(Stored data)

··········

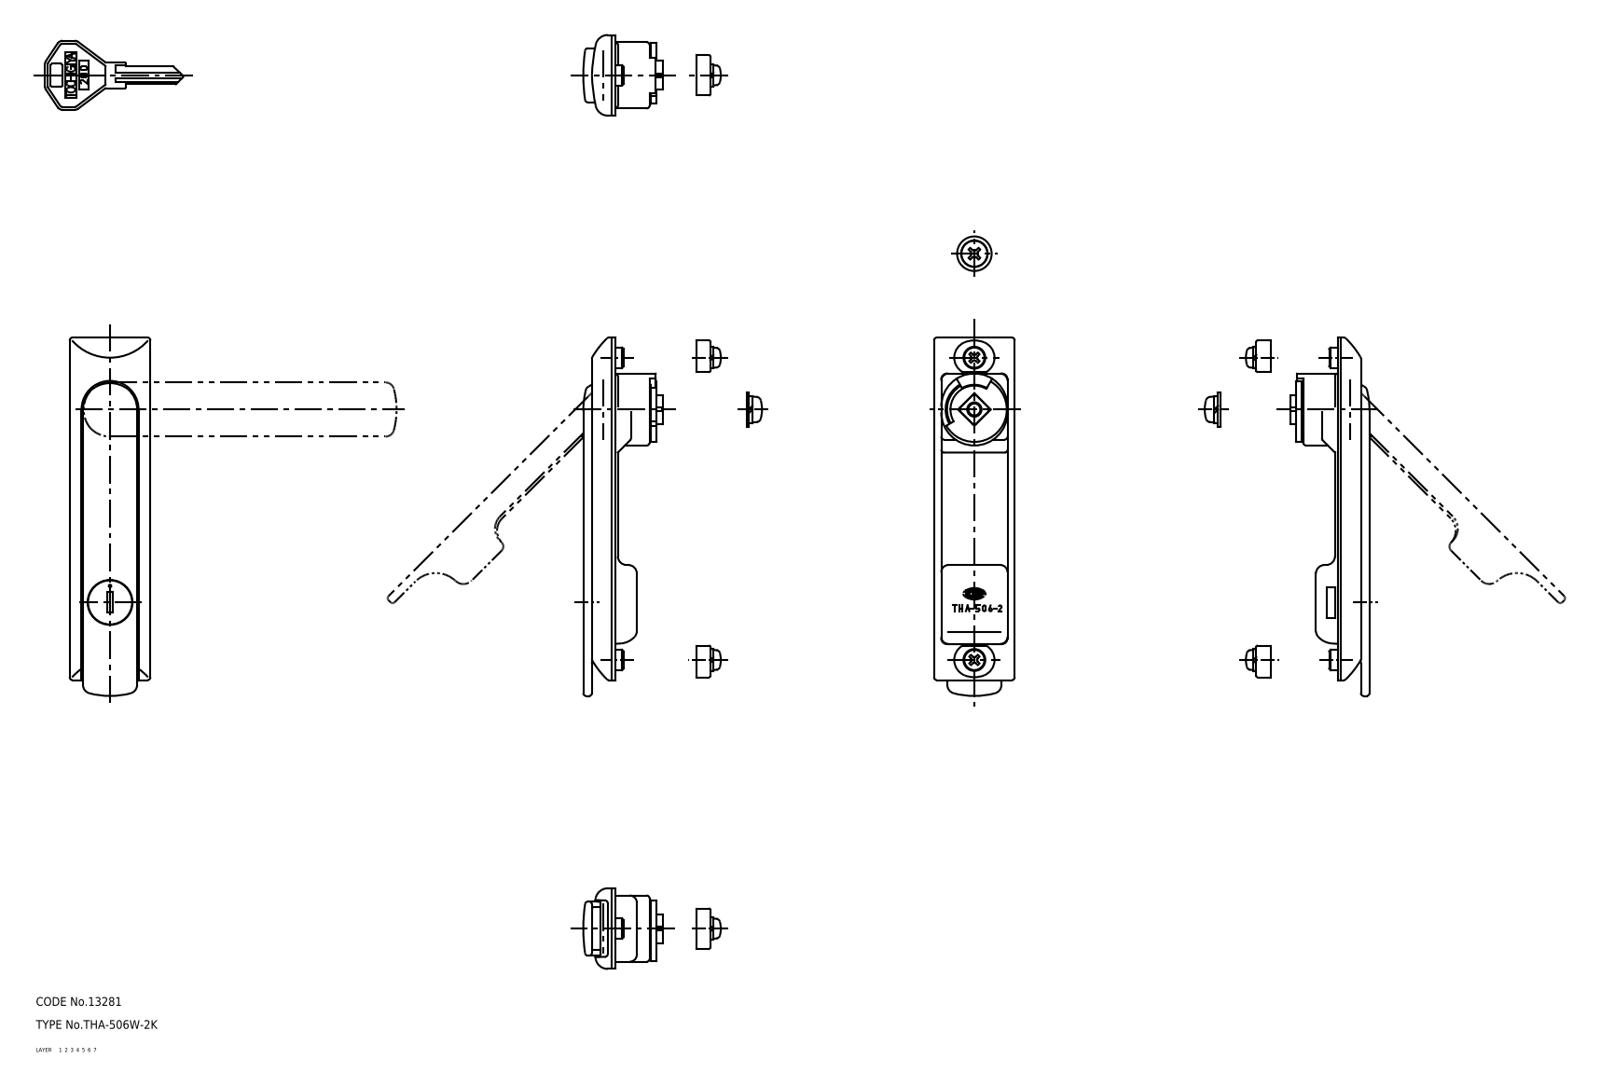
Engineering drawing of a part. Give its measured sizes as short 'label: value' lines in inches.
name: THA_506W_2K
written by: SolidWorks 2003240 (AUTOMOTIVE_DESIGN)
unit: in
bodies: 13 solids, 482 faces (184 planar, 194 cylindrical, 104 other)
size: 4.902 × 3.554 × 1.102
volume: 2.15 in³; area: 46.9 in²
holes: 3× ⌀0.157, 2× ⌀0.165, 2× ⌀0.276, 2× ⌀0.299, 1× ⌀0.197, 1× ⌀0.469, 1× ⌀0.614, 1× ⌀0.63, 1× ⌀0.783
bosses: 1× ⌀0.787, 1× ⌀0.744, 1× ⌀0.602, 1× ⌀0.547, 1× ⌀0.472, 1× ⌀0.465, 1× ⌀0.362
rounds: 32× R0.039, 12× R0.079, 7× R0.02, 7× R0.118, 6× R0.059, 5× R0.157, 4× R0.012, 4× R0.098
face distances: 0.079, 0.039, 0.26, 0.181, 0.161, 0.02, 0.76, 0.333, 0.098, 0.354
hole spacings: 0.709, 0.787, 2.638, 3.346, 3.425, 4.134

··········

### What the task requires
Repeat the entries exactly and keep the pictures out of the copy.

### Written reply
Engineering drawing of a part. Give its measured sizes as short 'label: value' lines in inches.
name: THA_506W_2K
written by: SolidWorks 2003240 (AUTOMOTIVE_DESIGN)
unit: in
bodies: 13 solids, 482 faces (184 planar, 194 cylindrical, 104 other)
size: 4.902 × 3.554 × 1.102
volume: 2.15 in³; area: 46.9 in²
holes: 3× ⌀0.157, 2× ⌀0.165, 2× ⌀0.276, 2× ⌀0.299, 1× ⌀0.197, 1× ⌀0.469, 1× ⌀0.614, 1× ⌀0.63, 1× ⌀0.783
bosses: 1× ⌀0.787, 1× ⌀0.744, 1× ⌀0.602, 1× ⌀0.547, 1× ⌀0.472, 1× ⌀0.465, 1× ⌀0.362
rounds: 32× R0.039, 12× R0.079, 7× R0.02, 7× R0.118, 6× R0.059, 5× R0.157, 4× R0.012, 4× R0.098
face distances: 0.079, 0.039, 0.26, 0.181, 0.161, 0.02, 0.76, 0.333, 0.098, 0.354
hole spacings: 0.709, 0.787, 2.638, 3.346, 3.425, 4.134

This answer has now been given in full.